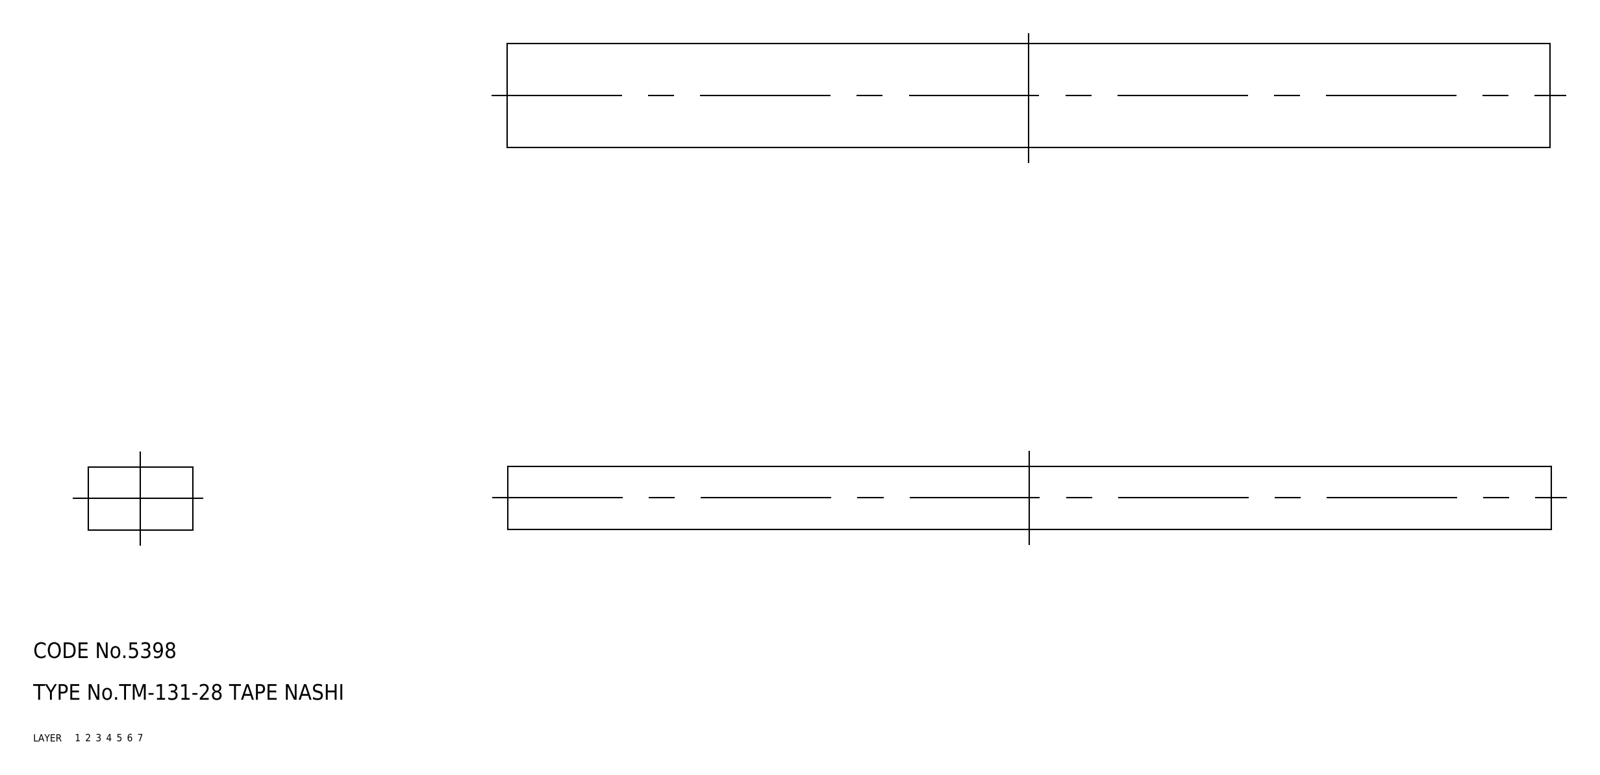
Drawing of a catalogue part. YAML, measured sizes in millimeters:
part_name: "rubber foam"
step_written_by: "CADfix (AUTOMOTIVE_DESIGN)"
units: millimeters
bodies: {solids: 1, faces: 6, planar: 0, cylindrical: 0, other: 6}
overall_size: [200, 20, 12]
volume: 48000
surface_area: 13280
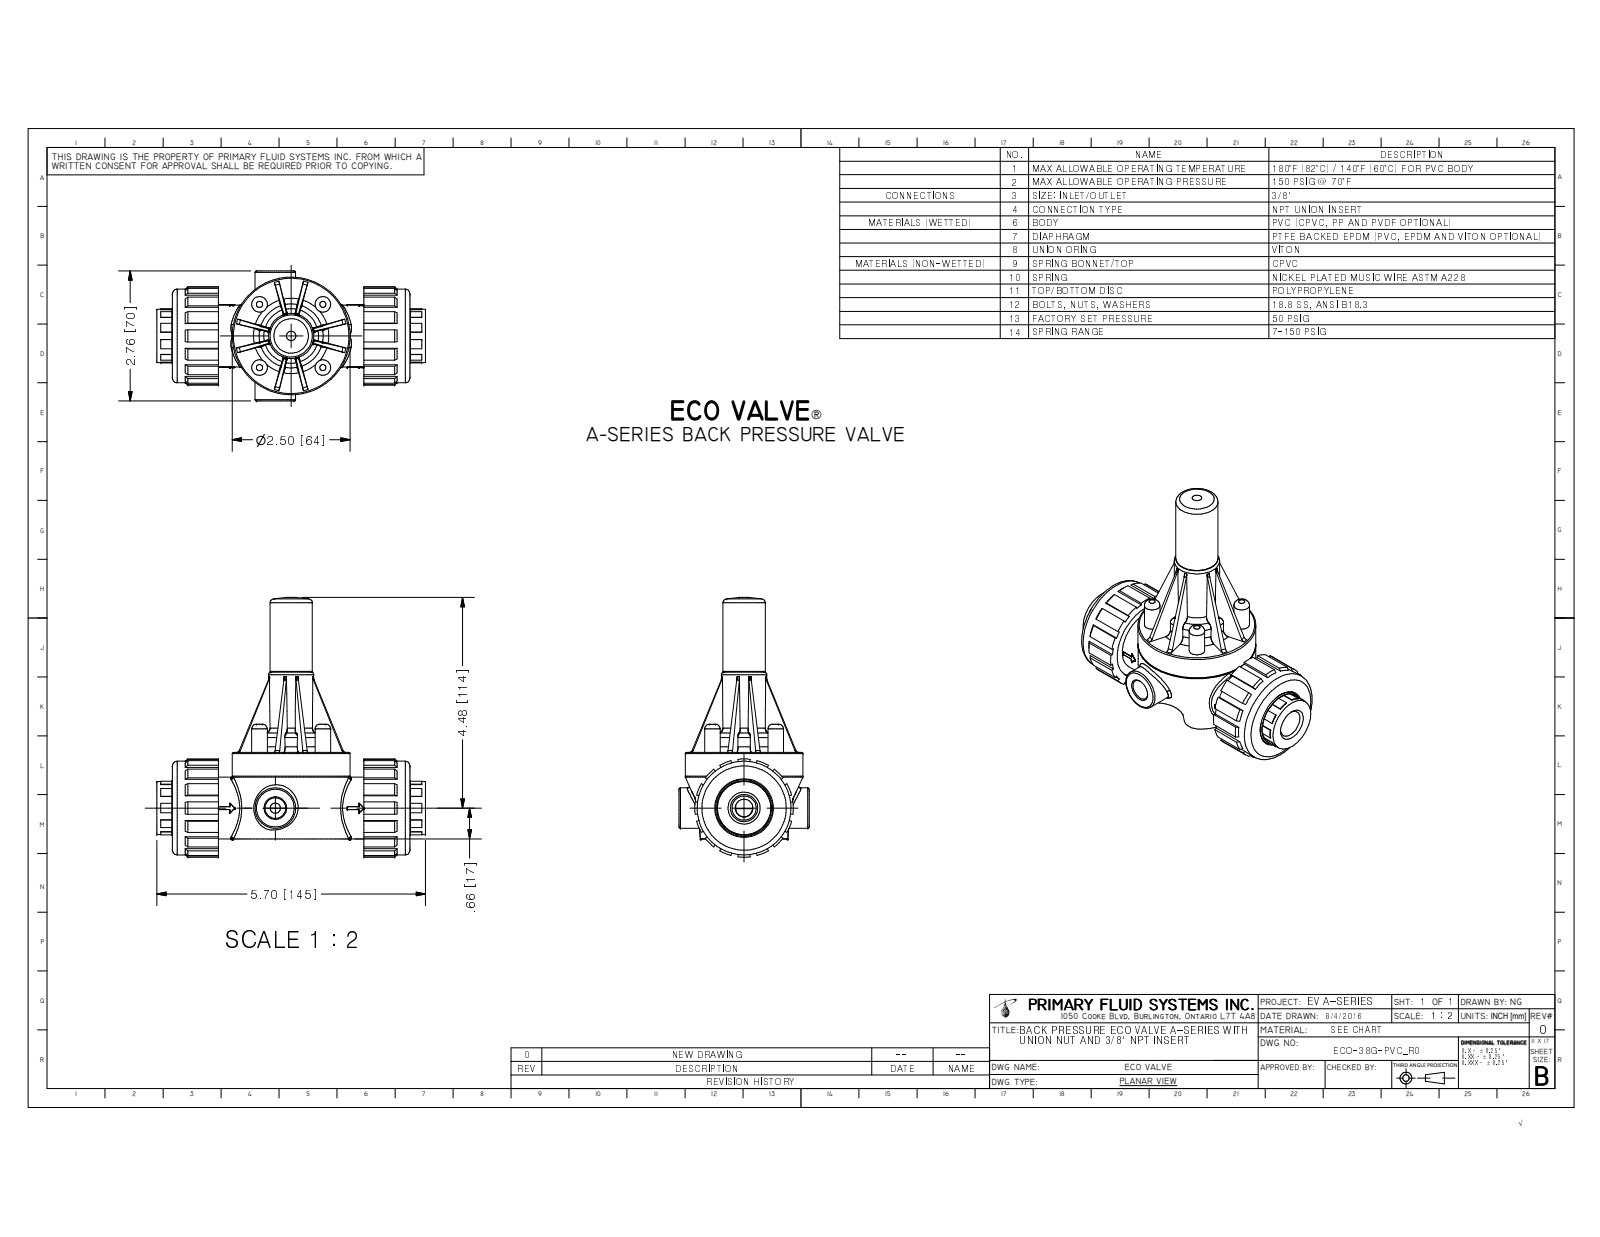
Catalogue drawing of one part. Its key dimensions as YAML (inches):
part_name: "ECO-38G-PVC_R0"
step_written_by: "Autodesk Inventor 2009 (AUTOMOTIVE_DESIGN)"
units: inches
bodies: {solids: 1, faces: 881, planar: 290, cylindrical: 188, other: 403}
overall_size: [5.7, 5.521, 2.764]
volume: 18.42
surface_area: 107.8
round_holes:
  - {diameter: 0.23, count: 4}
  - {diameter: 0.257, count: 4}
  - {diameter: 0.4, count: 4}
  - {diameter: 0.437, count: 1}
  - {diameter: 0.578, count: 1}
  - {diameter: 1.022, count: 1}
  - {diameter: 1.376, count: 1}
round_bosses_or_shafts:
  - {diameter: 0.33, count: 4}
  - {diameter: 0.256, count: 4}
  - {diameter: 2.5, count: 1}
  - {diameter: 1.69, count: 1}
  - {diameter: 1.49, count: 1}
  - {diameter: 1.36, count: 1}
  - {diameter: 1.313, count: 1}
  - {diameter: 1.205, count: 1}
partial_cylinders:
  - {radius: 0.07, count: 8}
  - {radius: 0.1, count: 8}
  - {radius: 0.128, count: 4}
  - {radius: 0.254, count: 4}
  - {radius: 0.292, count: 4}
  - {radius: 0.507, count: 1}
  - {radius: 0.575, count: 1}
  - {radius: 0.666, count: 1}
face_to_face_distances: [1.838, 0.75, 4.95, 4.2, 0.839, 4.861, 0.089, 4.111, 5.7, 1.313]
hole_center_spacings: [1.344, 1.344, 1.344, 1.9, 1.901, 1.343, 1.9, 1.902]
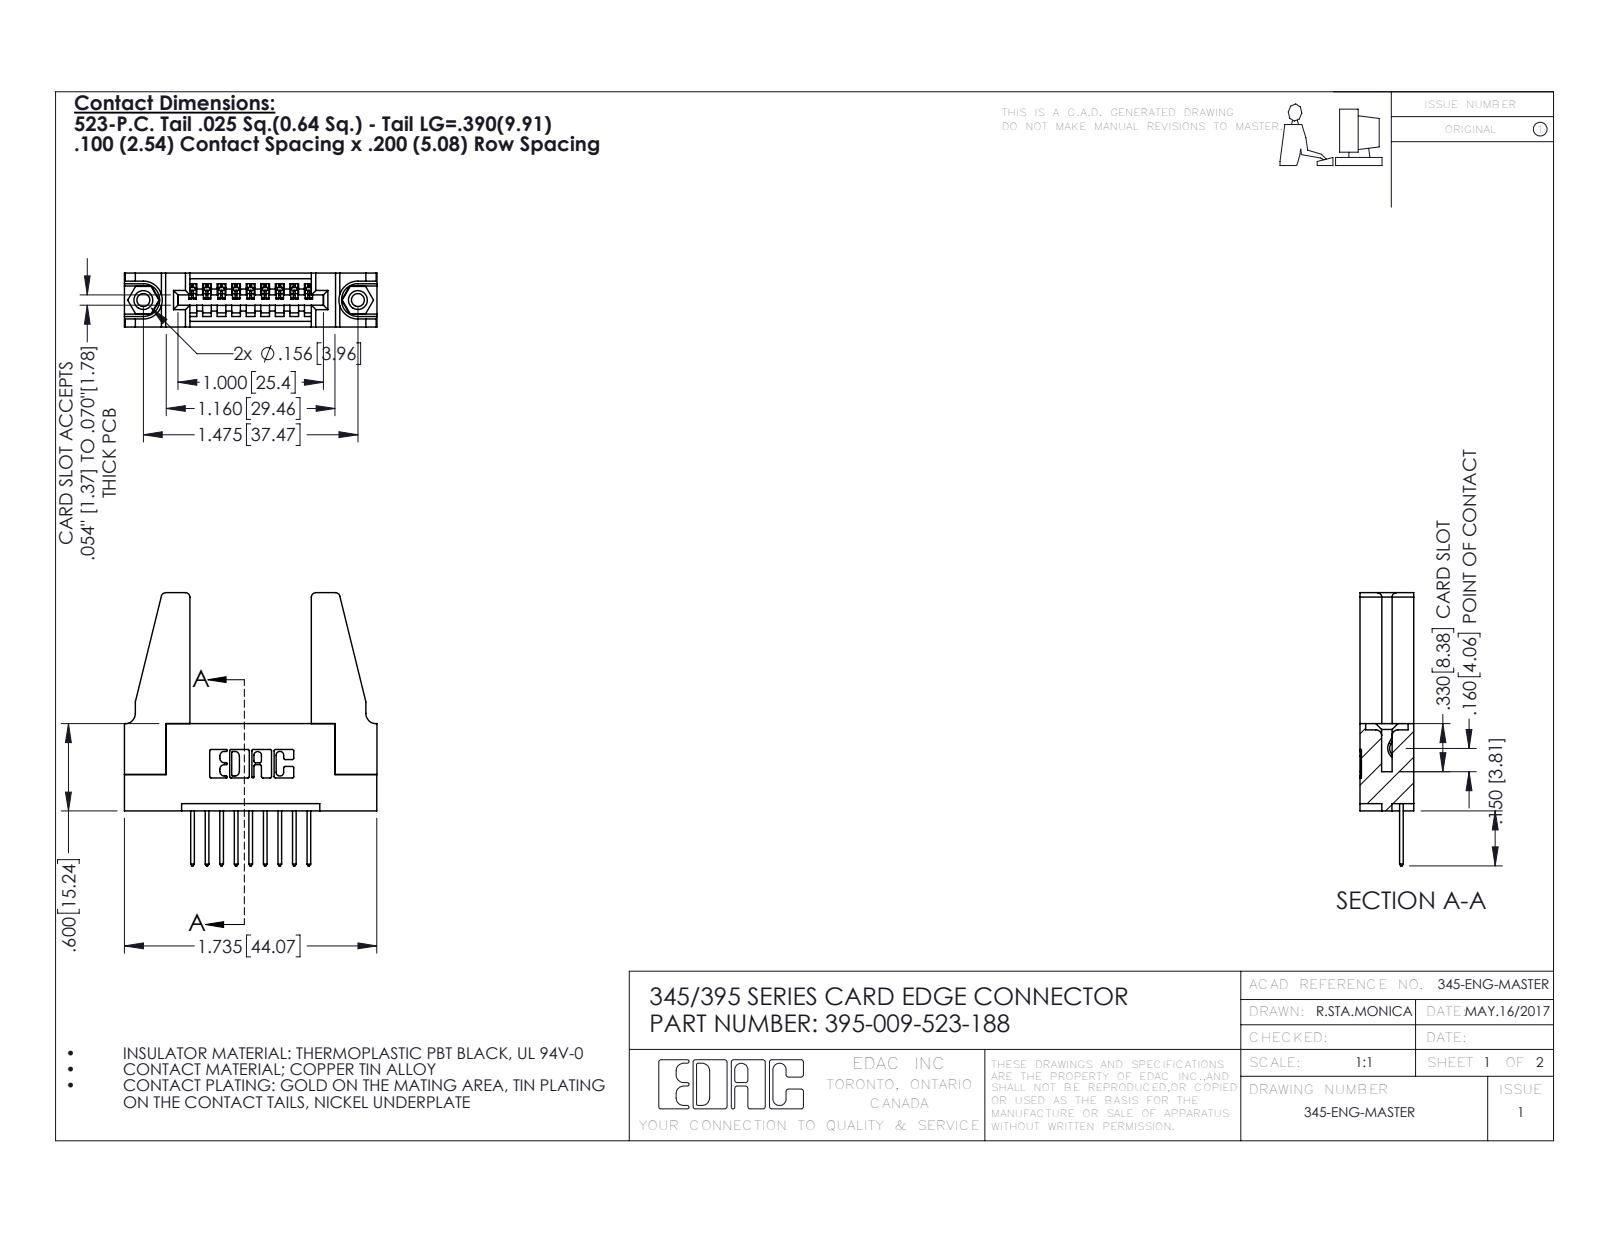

• **What the task asks**
Using the listing above, state how many lines contain the string "YAML". Give the number by itself.

• **Solved problem**
2